▶ _GOAL OF THE EXERCISE_: Exactly as written, please set down all of the entries again, with no pictures.

▶ _RECORDS SUPPLIED_:
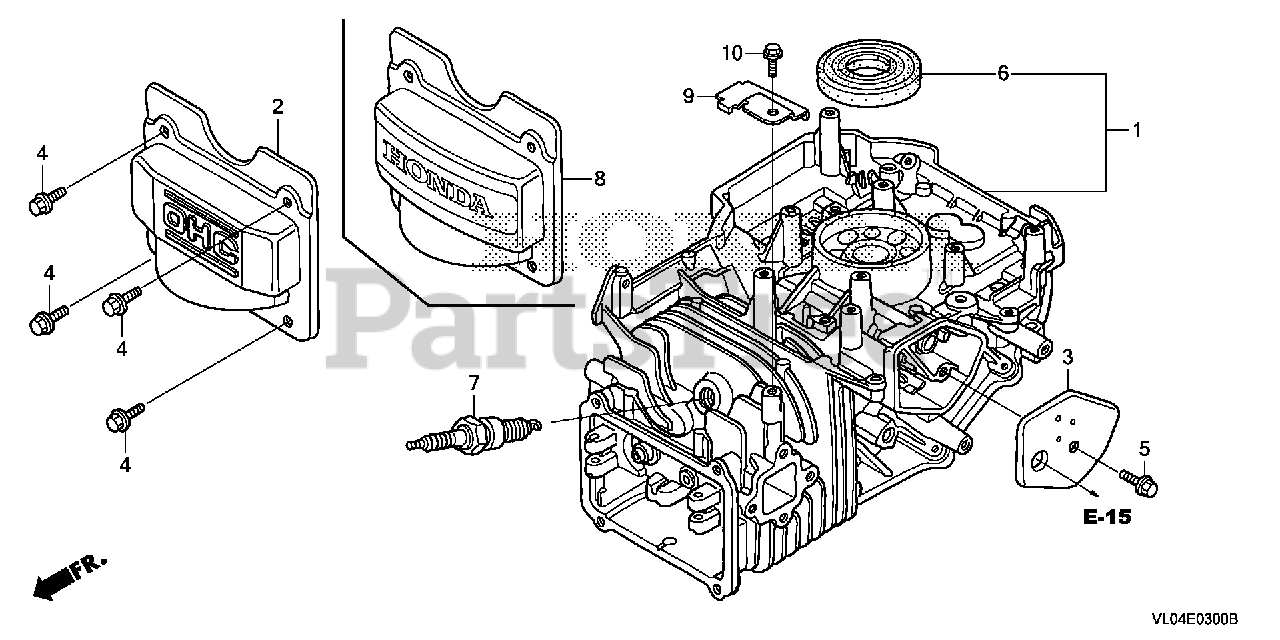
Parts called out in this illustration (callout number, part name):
1	CYLINDER ASSY.
3	COVER, BREATHER (BREATHER VALVE ASSY.)
4	BOLT, FLANGE (6X12) (CT200)
5	BOLT, FLANGE (6X14) (CT200)
6	OIL SEAL (25.4X62X6)
7	SPARK PLUG (BPR5ES) (NGK)
8	COVER, HEAD
9	BRACKET, REGULATOR
10	BOLT, FLANGE (6X14) (CT200)
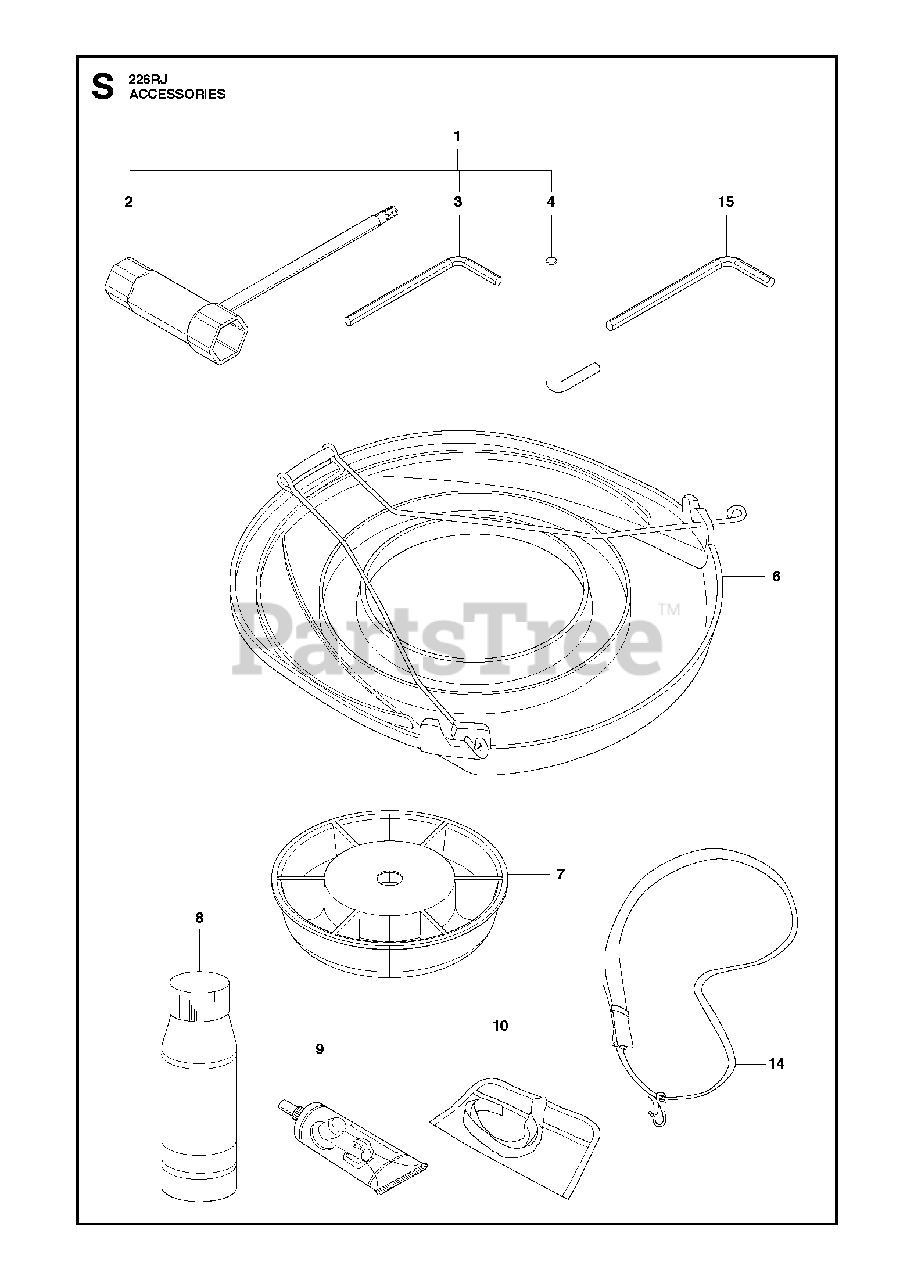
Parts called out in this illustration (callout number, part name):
2	WRENCH
3	WRENCH
4	Bar
6	BLADE GUARD TRANSPORT
7	SUPPORTING CUP
8	Air Filter Oil, HVA 1L Bottle
9	BEVEL GEAR GREASE
14	STRAP
15	Wrench Tool
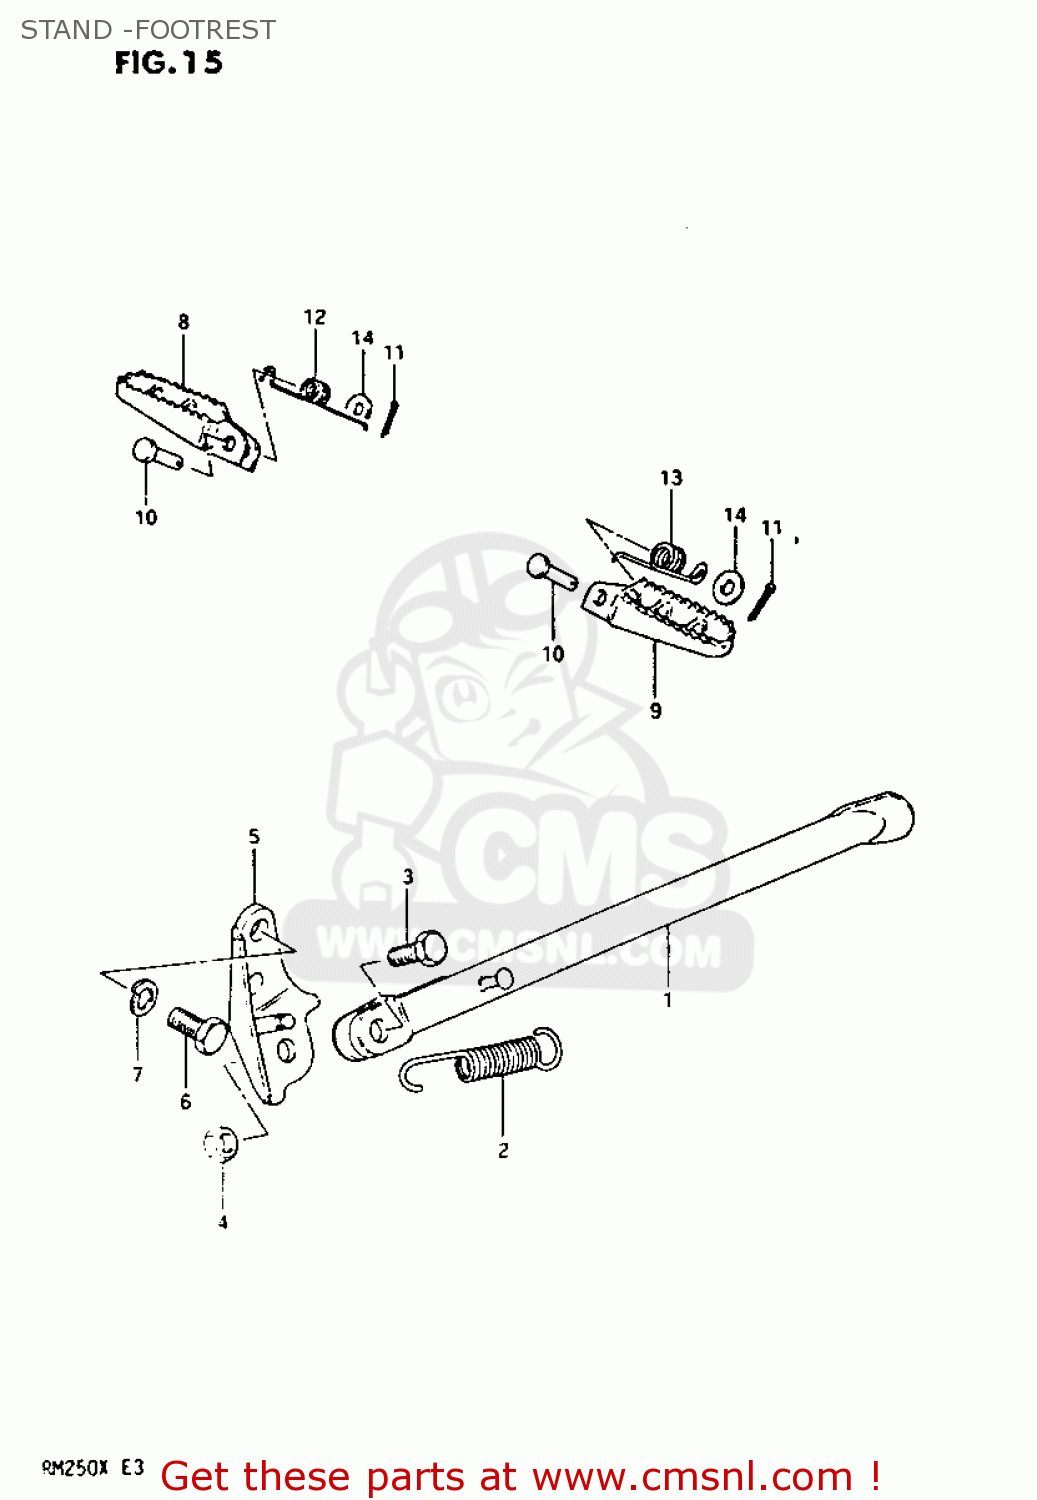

▶ _EXERCISE RESULT_:
Parts called out in this illustration (callout number, part name):
1	CYLINDER ASSY.
3	COVER, BREATHER (BREATHER VALVE ASSY.)
4	BOLT, FLANGE (6X12) (CT200)
5	BOLT, FLANGE (6X14) (CT200)
6	OIL SEAL (25.4X62X6)
7	SPARK PLUG (BPR5ES) (NGK)
8	COVER, HEAD
9	BRACKET, REGULATOR
10	BOLT, FLANGE (6X14) (CT200)
Parts called out in this illustration (callout number, part name):
2	WRENCH
3	WRENCH
4	Bar
6	BLADE GUARD TRANSPORT
7	SUPPORTING CUP
8	Air Filter Oil, HVA 1L Bottle
9	BEVEL GEAR GREASE
14	STRAP
15	Wrench Tool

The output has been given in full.